• WHAT THE EXERCISE ASKS:
Repeat exactly the lines running from the first line of the data to the line containing "building model written", both ends included, and nothing else; drop the pictures.

• DATA TO USE:
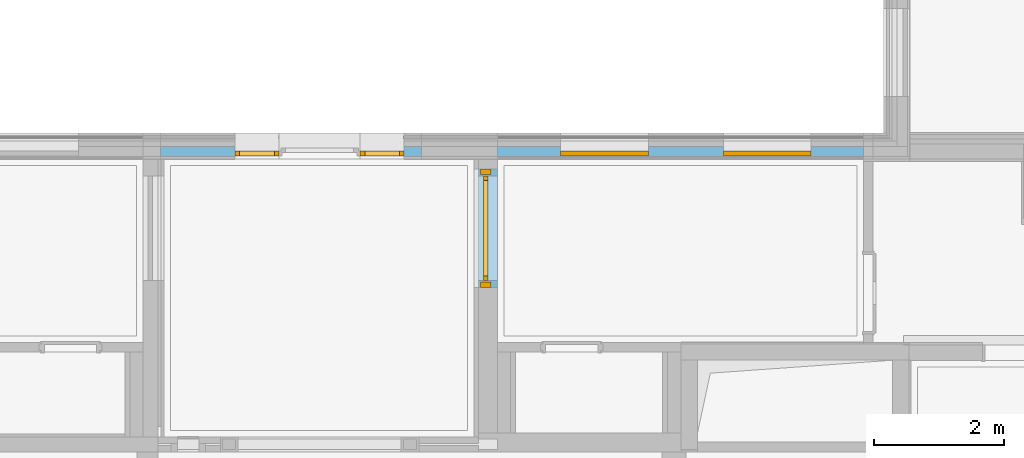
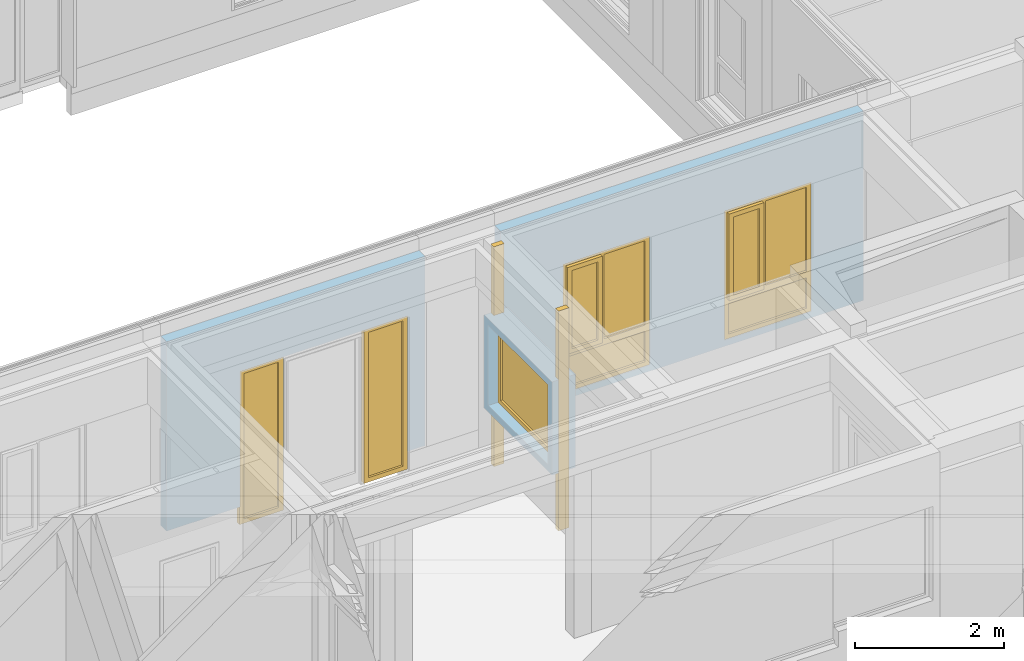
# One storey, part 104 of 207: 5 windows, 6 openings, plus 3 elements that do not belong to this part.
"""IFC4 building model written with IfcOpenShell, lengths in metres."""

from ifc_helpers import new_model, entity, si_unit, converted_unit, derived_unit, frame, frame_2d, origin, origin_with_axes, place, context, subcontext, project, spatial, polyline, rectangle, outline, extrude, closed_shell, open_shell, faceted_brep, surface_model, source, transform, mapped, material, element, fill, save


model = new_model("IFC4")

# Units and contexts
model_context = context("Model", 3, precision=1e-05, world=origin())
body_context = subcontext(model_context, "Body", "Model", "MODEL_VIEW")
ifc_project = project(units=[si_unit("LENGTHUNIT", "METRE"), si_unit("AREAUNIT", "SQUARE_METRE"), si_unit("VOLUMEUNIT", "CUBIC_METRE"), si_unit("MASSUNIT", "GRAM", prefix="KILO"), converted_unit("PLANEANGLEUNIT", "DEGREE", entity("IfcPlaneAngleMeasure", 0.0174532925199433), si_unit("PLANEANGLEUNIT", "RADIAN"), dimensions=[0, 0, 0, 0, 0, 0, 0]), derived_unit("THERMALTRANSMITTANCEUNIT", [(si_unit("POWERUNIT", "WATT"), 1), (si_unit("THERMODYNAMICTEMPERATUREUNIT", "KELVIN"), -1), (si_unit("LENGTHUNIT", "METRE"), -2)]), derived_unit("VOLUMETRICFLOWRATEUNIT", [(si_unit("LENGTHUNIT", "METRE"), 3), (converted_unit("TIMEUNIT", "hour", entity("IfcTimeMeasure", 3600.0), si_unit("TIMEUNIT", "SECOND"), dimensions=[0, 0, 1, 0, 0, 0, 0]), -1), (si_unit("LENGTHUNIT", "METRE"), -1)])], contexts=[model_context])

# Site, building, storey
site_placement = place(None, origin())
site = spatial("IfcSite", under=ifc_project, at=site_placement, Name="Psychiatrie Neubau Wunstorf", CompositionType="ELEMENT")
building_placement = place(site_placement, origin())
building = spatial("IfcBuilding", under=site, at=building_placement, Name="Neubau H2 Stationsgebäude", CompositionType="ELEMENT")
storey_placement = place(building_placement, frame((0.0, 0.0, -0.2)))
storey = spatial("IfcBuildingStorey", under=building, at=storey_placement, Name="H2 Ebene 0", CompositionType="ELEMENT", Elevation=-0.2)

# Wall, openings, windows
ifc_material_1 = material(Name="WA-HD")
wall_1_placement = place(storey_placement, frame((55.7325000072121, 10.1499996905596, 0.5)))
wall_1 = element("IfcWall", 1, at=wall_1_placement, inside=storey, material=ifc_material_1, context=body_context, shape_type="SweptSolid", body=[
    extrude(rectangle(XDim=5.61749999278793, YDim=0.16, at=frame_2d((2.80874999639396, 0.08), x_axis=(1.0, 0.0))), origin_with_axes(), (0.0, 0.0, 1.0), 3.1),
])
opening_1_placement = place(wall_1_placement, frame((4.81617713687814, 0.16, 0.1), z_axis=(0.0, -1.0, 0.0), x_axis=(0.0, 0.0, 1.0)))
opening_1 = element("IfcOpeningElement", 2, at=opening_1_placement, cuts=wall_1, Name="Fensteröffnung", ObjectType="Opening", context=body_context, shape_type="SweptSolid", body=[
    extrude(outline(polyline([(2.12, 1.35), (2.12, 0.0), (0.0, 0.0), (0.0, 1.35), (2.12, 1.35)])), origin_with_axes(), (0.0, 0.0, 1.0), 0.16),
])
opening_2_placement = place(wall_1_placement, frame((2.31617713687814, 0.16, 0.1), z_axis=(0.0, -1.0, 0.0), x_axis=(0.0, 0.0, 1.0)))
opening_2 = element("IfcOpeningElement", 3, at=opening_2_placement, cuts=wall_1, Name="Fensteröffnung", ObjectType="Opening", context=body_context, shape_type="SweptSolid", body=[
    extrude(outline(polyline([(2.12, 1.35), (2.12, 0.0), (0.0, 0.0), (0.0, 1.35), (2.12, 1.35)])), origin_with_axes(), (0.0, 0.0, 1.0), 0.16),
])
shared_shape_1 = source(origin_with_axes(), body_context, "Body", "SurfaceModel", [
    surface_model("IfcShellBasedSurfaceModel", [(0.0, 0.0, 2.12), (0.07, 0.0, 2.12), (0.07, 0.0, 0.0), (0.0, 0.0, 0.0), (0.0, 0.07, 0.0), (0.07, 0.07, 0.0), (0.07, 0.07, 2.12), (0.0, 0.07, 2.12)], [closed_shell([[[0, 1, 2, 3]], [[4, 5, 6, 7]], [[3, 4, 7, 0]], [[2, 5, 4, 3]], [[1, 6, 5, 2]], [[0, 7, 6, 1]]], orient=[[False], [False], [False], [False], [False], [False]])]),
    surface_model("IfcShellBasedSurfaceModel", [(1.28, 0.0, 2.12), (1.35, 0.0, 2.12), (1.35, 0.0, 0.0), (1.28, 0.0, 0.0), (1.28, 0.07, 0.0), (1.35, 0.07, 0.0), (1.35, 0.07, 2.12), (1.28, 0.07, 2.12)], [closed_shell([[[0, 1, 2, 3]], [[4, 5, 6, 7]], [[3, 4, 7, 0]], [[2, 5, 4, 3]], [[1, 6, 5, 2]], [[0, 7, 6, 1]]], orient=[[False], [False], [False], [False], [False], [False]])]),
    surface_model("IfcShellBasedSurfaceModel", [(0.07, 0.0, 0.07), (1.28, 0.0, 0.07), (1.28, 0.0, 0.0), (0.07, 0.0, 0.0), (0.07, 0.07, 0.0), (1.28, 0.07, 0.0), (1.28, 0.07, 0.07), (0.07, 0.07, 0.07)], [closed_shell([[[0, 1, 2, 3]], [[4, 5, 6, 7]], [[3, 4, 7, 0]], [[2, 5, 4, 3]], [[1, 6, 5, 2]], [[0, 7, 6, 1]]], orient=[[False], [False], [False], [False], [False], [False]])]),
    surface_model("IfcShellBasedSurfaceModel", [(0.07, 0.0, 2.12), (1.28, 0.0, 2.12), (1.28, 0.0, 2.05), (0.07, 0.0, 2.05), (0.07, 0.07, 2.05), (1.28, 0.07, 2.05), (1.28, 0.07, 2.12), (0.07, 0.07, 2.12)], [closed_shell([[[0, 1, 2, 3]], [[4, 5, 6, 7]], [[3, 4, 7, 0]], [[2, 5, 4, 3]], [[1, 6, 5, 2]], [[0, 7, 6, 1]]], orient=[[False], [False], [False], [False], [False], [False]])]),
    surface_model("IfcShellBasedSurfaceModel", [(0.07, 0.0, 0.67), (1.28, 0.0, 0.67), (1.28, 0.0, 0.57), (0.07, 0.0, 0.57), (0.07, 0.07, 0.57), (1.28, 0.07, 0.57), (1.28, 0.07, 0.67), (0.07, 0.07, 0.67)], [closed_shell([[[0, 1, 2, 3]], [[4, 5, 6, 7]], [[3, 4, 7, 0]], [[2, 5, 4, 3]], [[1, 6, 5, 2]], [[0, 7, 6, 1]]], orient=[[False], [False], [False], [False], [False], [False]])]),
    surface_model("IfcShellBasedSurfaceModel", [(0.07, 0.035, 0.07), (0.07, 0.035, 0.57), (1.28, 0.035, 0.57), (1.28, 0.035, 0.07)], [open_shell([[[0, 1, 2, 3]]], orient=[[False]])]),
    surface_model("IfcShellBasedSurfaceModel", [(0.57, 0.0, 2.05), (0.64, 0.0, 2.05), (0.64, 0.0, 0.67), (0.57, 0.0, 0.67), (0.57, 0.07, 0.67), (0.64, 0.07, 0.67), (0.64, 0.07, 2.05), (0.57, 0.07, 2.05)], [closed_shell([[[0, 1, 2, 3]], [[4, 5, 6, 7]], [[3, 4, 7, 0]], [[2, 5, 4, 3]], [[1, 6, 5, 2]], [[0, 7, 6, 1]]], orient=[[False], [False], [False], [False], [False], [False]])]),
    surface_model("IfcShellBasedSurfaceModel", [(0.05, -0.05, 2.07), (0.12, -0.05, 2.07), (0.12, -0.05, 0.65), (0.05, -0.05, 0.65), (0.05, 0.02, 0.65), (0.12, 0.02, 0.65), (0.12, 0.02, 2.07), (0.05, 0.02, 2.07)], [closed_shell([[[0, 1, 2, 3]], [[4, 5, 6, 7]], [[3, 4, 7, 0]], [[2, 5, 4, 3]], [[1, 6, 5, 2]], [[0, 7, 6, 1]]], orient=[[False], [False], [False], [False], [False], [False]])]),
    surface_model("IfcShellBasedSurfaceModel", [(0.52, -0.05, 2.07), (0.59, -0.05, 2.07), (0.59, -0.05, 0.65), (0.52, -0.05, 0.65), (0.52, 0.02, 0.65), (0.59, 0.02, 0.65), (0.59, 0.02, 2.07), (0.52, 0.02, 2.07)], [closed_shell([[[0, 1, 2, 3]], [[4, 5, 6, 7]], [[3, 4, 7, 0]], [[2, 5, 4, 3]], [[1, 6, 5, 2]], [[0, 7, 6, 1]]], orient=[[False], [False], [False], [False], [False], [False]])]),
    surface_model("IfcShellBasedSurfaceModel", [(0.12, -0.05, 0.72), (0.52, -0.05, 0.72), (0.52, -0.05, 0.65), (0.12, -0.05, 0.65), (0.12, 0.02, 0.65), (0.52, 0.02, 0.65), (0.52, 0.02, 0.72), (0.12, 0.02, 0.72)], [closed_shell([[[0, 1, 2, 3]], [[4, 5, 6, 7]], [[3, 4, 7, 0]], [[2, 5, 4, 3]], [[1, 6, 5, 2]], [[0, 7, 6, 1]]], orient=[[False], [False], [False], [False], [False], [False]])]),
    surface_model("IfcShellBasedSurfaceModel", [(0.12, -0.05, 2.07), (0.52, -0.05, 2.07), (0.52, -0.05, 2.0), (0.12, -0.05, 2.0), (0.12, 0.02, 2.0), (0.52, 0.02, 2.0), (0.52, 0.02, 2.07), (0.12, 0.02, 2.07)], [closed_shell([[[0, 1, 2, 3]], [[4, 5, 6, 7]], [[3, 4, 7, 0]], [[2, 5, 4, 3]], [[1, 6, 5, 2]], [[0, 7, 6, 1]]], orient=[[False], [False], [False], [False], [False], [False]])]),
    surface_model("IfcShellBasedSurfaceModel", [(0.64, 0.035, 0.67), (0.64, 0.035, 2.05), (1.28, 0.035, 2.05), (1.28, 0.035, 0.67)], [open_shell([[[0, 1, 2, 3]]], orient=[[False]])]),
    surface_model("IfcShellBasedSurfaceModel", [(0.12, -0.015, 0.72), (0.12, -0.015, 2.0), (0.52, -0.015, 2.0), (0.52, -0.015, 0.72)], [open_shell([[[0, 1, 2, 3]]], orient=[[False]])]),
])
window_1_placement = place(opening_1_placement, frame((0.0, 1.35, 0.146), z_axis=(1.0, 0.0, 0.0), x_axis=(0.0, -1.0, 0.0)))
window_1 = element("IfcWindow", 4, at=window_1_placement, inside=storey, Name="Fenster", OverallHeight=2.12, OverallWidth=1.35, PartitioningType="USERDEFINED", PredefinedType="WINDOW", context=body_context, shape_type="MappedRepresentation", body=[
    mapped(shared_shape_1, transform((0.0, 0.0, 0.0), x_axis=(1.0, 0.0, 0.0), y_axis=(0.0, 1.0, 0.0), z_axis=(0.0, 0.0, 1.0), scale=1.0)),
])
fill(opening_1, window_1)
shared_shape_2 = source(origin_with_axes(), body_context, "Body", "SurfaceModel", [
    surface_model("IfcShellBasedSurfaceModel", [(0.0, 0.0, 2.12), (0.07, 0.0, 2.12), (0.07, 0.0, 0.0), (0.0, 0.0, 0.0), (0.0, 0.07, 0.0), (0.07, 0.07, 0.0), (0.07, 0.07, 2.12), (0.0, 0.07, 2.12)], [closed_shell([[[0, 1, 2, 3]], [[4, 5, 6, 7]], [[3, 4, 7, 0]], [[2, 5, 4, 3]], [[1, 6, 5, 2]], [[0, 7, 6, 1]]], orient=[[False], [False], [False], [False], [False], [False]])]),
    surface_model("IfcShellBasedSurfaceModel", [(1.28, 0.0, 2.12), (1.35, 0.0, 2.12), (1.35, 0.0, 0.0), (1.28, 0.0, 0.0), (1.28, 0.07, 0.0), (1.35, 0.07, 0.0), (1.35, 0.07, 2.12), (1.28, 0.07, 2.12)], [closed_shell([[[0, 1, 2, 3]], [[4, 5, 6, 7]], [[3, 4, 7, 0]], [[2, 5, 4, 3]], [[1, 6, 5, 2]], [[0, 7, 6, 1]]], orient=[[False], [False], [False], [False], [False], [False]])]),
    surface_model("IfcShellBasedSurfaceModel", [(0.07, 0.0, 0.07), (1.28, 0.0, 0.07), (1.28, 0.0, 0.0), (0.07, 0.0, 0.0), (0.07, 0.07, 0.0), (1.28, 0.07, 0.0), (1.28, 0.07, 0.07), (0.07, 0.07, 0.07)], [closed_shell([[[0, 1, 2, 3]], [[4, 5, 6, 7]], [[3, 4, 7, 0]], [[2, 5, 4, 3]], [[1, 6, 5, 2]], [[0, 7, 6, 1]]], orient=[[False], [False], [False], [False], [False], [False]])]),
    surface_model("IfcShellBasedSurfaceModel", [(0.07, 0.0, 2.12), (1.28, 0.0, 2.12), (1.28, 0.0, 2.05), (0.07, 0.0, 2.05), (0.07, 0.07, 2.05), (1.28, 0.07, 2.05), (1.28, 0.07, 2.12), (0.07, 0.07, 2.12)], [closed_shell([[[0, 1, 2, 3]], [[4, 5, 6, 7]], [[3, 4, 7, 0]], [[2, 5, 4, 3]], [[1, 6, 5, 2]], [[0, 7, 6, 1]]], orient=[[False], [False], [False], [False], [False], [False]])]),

• EXERCISE RESPONSE:
# One storey, part 104 of 207: 5 windows, 6 openings, plus 3 elements that do not belong to this part.
"""IFC4 building model written with IfcOpenShell, lengths in metres."""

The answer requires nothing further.